● YOUR OBJECTIVE
Could you copy every record exactly, leaving the pictures behind?

● INPUT
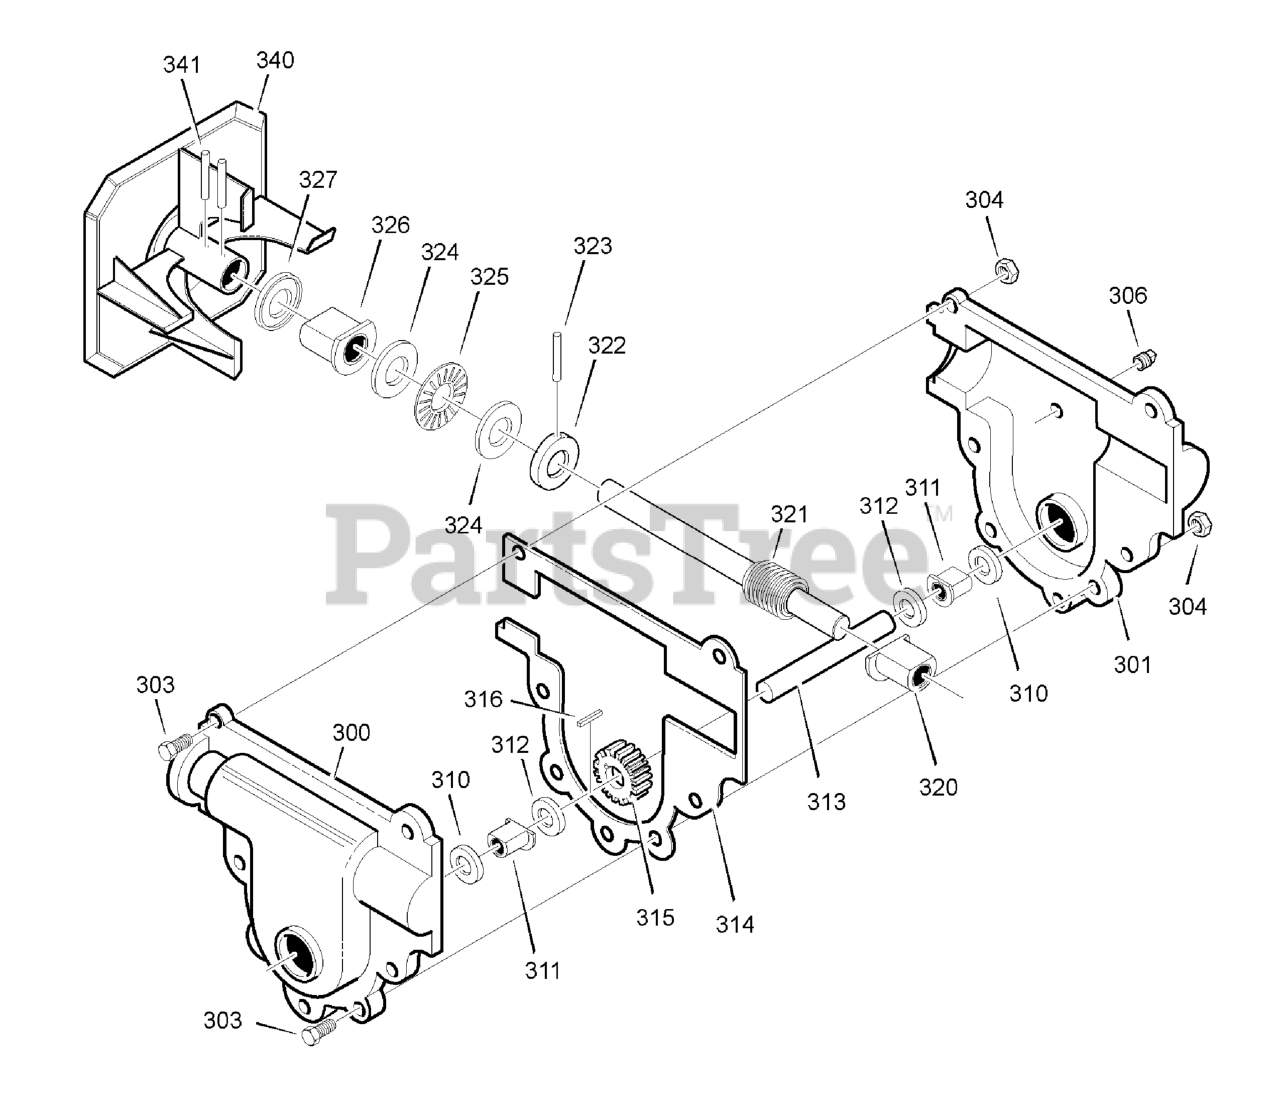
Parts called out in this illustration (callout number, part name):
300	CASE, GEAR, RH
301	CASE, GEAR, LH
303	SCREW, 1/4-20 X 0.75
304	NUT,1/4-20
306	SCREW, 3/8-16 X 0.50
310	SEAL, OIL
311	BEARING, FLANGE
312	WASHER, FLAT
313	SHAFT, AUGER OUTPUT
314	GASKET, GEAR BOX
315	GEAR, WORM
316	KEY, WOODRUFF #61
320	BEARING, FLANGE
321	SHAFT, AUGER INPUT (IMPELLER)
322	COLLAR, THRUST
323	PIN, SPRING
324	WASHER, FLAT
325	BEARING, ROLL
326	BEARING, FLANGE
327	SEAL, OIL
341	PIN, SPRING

● WORKED SOLUTION
Parts called out in this illustration (callout number, part name):
300	CASE, GEAR, RH
301	CASE, GEAR, LH
303	SCREW, 1/4-20 X 0.75
304	NUT,1/4-20
306	SCREW, 3/8-16 X 0.50
310	SEAL, OIL
311	BEARING, FLANGE
312	WASHER, FLAT
313	SHAFT, AUGER OUTPUT
314	GASKET, GEAR BOX
315	GEAR, WORM
316	KEY, WOODRUFF #61
320	BEARING, FLANGE
321	SHAFT, AUGER INPUT (IMPELLER)
322	COLLAR, THRUST
323	PIN, SPRING
324	WASHER, FLAT
325	BEARING, ROLL
326	BEARING, FLANGE
327	SEAL, OIL
341	PIN, SPRING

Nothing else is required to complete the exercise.